Scan by TokioHotel-Info
Translation by BTKTwinsArchive
IT'S BEEN HARD WORK
Whether you want them to or not: Tokio Hotel are back - and they're here to stay. Identical twins Tom and Bill Kaulitz talk about their "Realschulabschluss", casting shows, drugs and AC/DC.
It's been quiet around Tokio Hotel for a long time. It's been more than seven years since their single "Monsoon" filled pre- and hard pubescing teenage girls with unprecedented ecstasy while forcing columnists to make marvelling analysis. Bill Kaulitz, androgynous and crazy-haired and his ten minute older identical twin Tom became the posterboys of German children's rooms at age 15 and sold millions of records. In recent years though, it's been quiet around the Kaulitz twins, who moved to Los Angeles. Now, at age 23, the twins return as jurors in RTL's "Deutschland sucht den Superstar" (DSDS) show. Shooting happens in Bad Driburg, located in the westphalian wastelands, inside an upper class hotel with a multi-storey car park.
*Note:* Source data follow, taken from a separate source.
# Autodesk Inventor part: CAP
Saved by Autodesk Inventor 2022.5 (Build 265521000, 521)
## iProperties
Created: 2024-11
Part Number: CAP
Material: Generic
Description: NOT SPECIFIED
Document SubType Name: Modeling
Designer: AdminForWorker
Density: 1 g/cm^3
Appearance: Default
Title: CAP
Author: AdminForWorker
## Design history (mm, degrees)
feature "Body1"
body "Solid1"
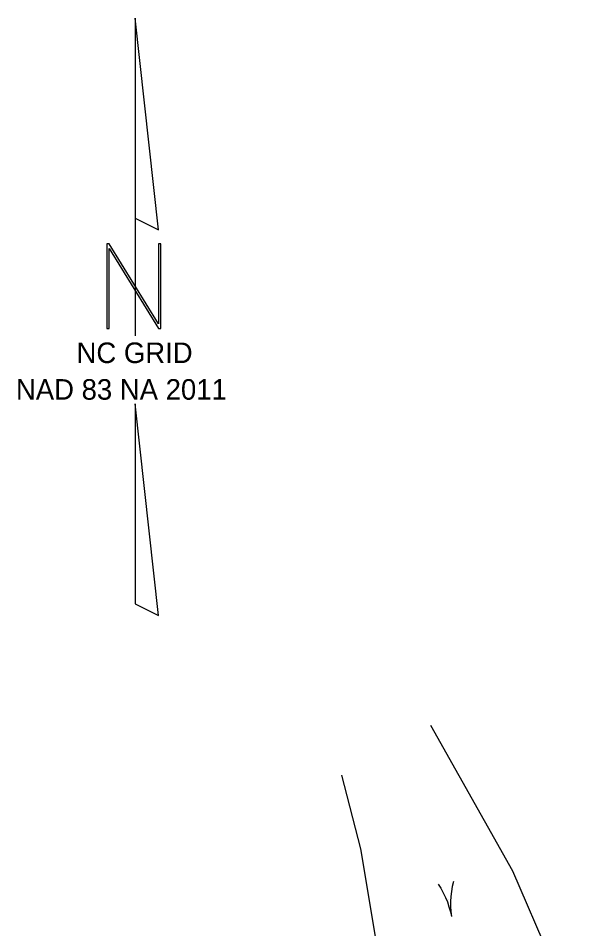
# Model space of a CAD drawing. Extents: x 2225821 to 2228892, y 553570 to 558465.
# Drawn here: x 2226803.6 to 2226965.5, y 556456.6 to 556722.3 of the extents above; entities that cross this region are included whole.
import ezdxf

# ---------------------------------------------------------------- set-up
doc = ezdxf.new("R2010")
doc.units = 0
for name, color, linetype in [('CTL North Arrow NAD 83 NA 2011 CELL', 7, 'Continuous'), ('Exist Hydro Stream Flow Arrow CELL', 7, 'Continuous'), ('Exist Hydro Stream or Body of Water', 7, 'Continuous')]:
    doc.layers.add(name, color=color, linetype=linetype)

msp = doc.modelspace()

# ---------------------------------------------------------------- linework, layer by layer
at = {"layer": 'CTL North Arrow NAD 83 NA 2011 CELL'}
msp.add_line((2226837.9, 556635.04), (2226837.9, 556635.04), dxfattribs=at)
for points in [[(2226837.75, 556722.33), (2226837.75, 556664), (2226844.63, 556660.56)], [(2226829.53, 556631.78), (2226830.21, 556631.78), (2226830.21, 556655.1), (2226844.63, 556631.78), (2226845.31, 556631.78), (2226845.31, 556656.46), (2226844.63, 556656.46), (2226844.63, 556633.14), (2226830.21, 556656.46), (2226829.53, 556656.46)], [(2226837.75, 556551.49), (2226844.63, 556548.08), (2226837.75, 556609.81)]]:
    msp.add_lwpolyline(points, close=True, dxfattribs=at)
msp.add_lwpolyline([(2226837.75, 556664), (2226837.75, 556629.7)], dxfattribs=at)
at = {"layer": 'Exist Hydro Stream Flow Arrow CELL'}
msp.add_line((2226929.26, 556465.14), (2226929.26, 556465.14), dxfattribs=at)
for points in [[(2226930.68, 556470.45), (2226930.31, 556469.03), (2226930.09, 556467.55), (2226929.9, 556466.08), (2226929.82, 556464.64), (2226929.83, 556463.15), (2226929.92, 556461.66), (2226930.09, 556460.21)], [(2226926.17, 556469.68), (2226926.98, 556468.46), (2226927.68, 556467.14), (2226928.34, 556465.82), (2226928.89, 556464.48), (2226929.36, 556463.07), (2226929.77, 556461.63), (2226930.09, 556460.21)]]:
    msp.add_lwpolyline(points, dxfattribs=at)
at = {"layer": 'Exist Hydro Stream or Body of Water'}
for points in [[(2226963.62, 556374.18), (2226965.5, 556386.04), (2226963.96, 556397.18), (2226959.22, 556423.11), (2226959, 556448.01), (2226947.97, 556473.42), (2226924.1, 556515.93)], [(2226921.88, 556376.33), (2226916.75, 556401.38), (2226920.33, 556422.95), (2226909.85, 556442.7), (2226903.61, 556480.01), (2226898.14, 556501.43)]]:
    msp.add_lwpolyline(points, dxfattribs=at)

# ---------------------------------------------------------------- texts
at = {"layer": 'CTL North Arrow NAD 83 NA 2011 CELL'}
for s, p in [('NC GRID', (2226820.67, 556621.71)), ('NAD 83 NA 2011', (2226802.98, 556611.02))]:
    msp.add_text(s, height=6, dxfattribs=at).set_placement(p)

doc.saveas('drawing.dxf')
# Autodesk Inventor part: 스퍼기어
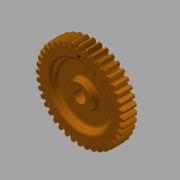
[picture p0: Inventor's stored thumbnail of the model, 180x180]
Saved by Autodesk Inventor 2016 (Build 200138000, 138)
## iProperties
Created: 2019-01
Part Number: 스퍼기어
Material: 알루미늄 6061
Document SubType Name: Modeling
Designer: mduedu
Density: 2.71 g/cm^3
Mass: 157.226 g
Surface Area: 186.47 cm^2
Volume: 58.017 cm^3
Appearance: 주황색
Author: mduedu
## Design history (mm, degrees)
sketch "스케치1"
  geometry: C1 r 37.5 at (0, 0); C2 r 40 at (0, 0); C3 r 42 at (0, 0); 1 further point
  constraints: 3 centre point, 3 coincident
  dimensions: "d0" = 75 diameter of C1; "d2" = 80 diameter of C2; "d3" = 84 diameter of C3
extrude "돌출1" new body sketch "스케치1" distance "d4" = 14; taper "d5" = 0 deg
sketch "스케치2"
  geometry: L1 (0, 0)-(-42, 0); L2 (0, 0)-(0, 42); L3 (-0.57, 0)-(-0.57, 41.996); L4 (-1.57, 0)-(-1.57, 39.969); L5 (-2.07, 0)-(-2.07, 37.443); A1 r 42 centre (0, 0) between (-42, 0) and (0, 42) reference; A2 r 9.223 centre (7.138, 36.933) between (-0.57, 41.996) and (-2.07, 37.443); A3 r 9.223 centre (-7.138, 36.933) between (2.07, 37.443) and (0.57, 41.996); A4 r 37.5 centre (0, 0) between (2.07, 37.443) and (-2.07, 37.443); A5 r 42 centre (0, 0) between (0.57, 41.996) and (-0.57, 41.996); 2 further points
  constraints: 12 point on circle, 10 end point, 4 centre point, 3 parallel, 3 symmetric about line, 2 coincident, 1 horizontal, 1 perpendicular, 5 other
  dimensions: "d6" = 0.5 distance between parallel lines of L4 L5; "d8" = 1 distance between parallel lines of L3 L4; "d9" = 1.57 distance between parallel lines of L2 L4
extrude "돌출2" join sketch "스케치2" stored distance "d10" = 14; taper "d11" = 0 deg
chamfer "모따기1" distance "d12" = 1; stored, may be unused: second distance "d13" = 2, angle "d14" = 45 deg
fillet "모깎기1" dims "d15" = 0.5
sketch "스케치3"
  geometry: C1 r 11 at (0, 0); 1 further point
  constraints: 1 centre point, 1 coincident
  dimensions: "d19" = 22 diameter of C1
extrude "돌출3" join sketch "스케치3" distance "d20" = 7; taper "d21" = 0 deg
fillet "모깎기2" dims "d22" = 3
sketch "스케치4"
  geometry: C1 r 11 at (0, 0); C2 r 27.5 at (0, 0); 1 further point
  constraints: 2 centre point, 2 coincident
  dimensions: "d23" = 22 diameter of C1; "d24" = 55 diameter of C2
extrude "돌출4" cut sketch "스케치4" distance "d25" = 6; taper "d26" = 0 deg
fillet "모깎기3" dims "d27" = 3
sketch "스케치5" dims "d28" = 66
  geometry: C1 r 1.5 at (0, 33); 2 further points
  constraints: 2 vertical alignment, 1 centre point, 1 coincident, 2 other
  dimensions: "d29" = 3 diameter of C1
extrude "돌출5" join sketch "스케치5" distance "d30" = 0.5; taper "d31" = 0 deg
sketch "스케치6"
  geometry: L1 (-2, 5.657)-(2, 5.657); L2 (2, 5.657)-(2, 7.8); L3 (2, 7.8)-(-2, 7.8); L4 (-2, 7.8)-(-2, 5.657); A1 r 6 centre (0, 0) between (-2, 5.657) and (2, 5.657); 1 further point
  constraints: 8 end point, 2 parallel, 2 point on circle, 1 centre point, 1 coincident, 1 horizontal, 1 perpendicular
  dimensions: "d32" = 13.8 dimension on A1 L3; "d34" = 4 distance of L2.end L3.end; "d35" = 12 diameter of A1
extrude "돌출6" cut sketch "스케치6" stored distance "d36" = 0.5; taper "d37" = 0 deg
chamfer "모따기2" distance "d38" = 1; stored, may be unused: second distance "d39" = 2, angle "d40" = 45 deg
node "솔리드1"
pattern_circular "원형 패턴1" dims "d17" = 360 deg

In front of the conference room's windows, a few got long in the tooth fans stand around, at least 17 or 18 years old. Insider, the old teen star dilemma joins us at the table: The boys are too old to be cuddled, too young to command respect. You neither want to pull their leg nor put them on your lap.
SZ: It's been a long time since we last heard from Tokio Hotel
Bill: I think the break felt even longer for the German public than it really was. After our last album we went on a big tour of South America and Japan, after that we just wanted to live a little.
SZ: What does "just living a little" entail for somebody who's been living in a state of emergency since the age of 15?
Bill: We spent a lot of time with our family. And with our four dogs.
Tom: It was a big change for us. Being on tour with the band, we've got a huge team and I can call on them for everything I need at any given moment. Now I have to take care of things myself and that includes stuff I've never had to deal with by myself before. I've had some overwhelming situations, but I wouldn't have wanted it any other way.
SZ: For example?
Tom: I don't know, for example I went to apply for my california driver's licence in Los Angeles. I thought to myself: Huh, you've got to wait in some shitty line for such a long time? You just stand around for a whole day to give them your photo?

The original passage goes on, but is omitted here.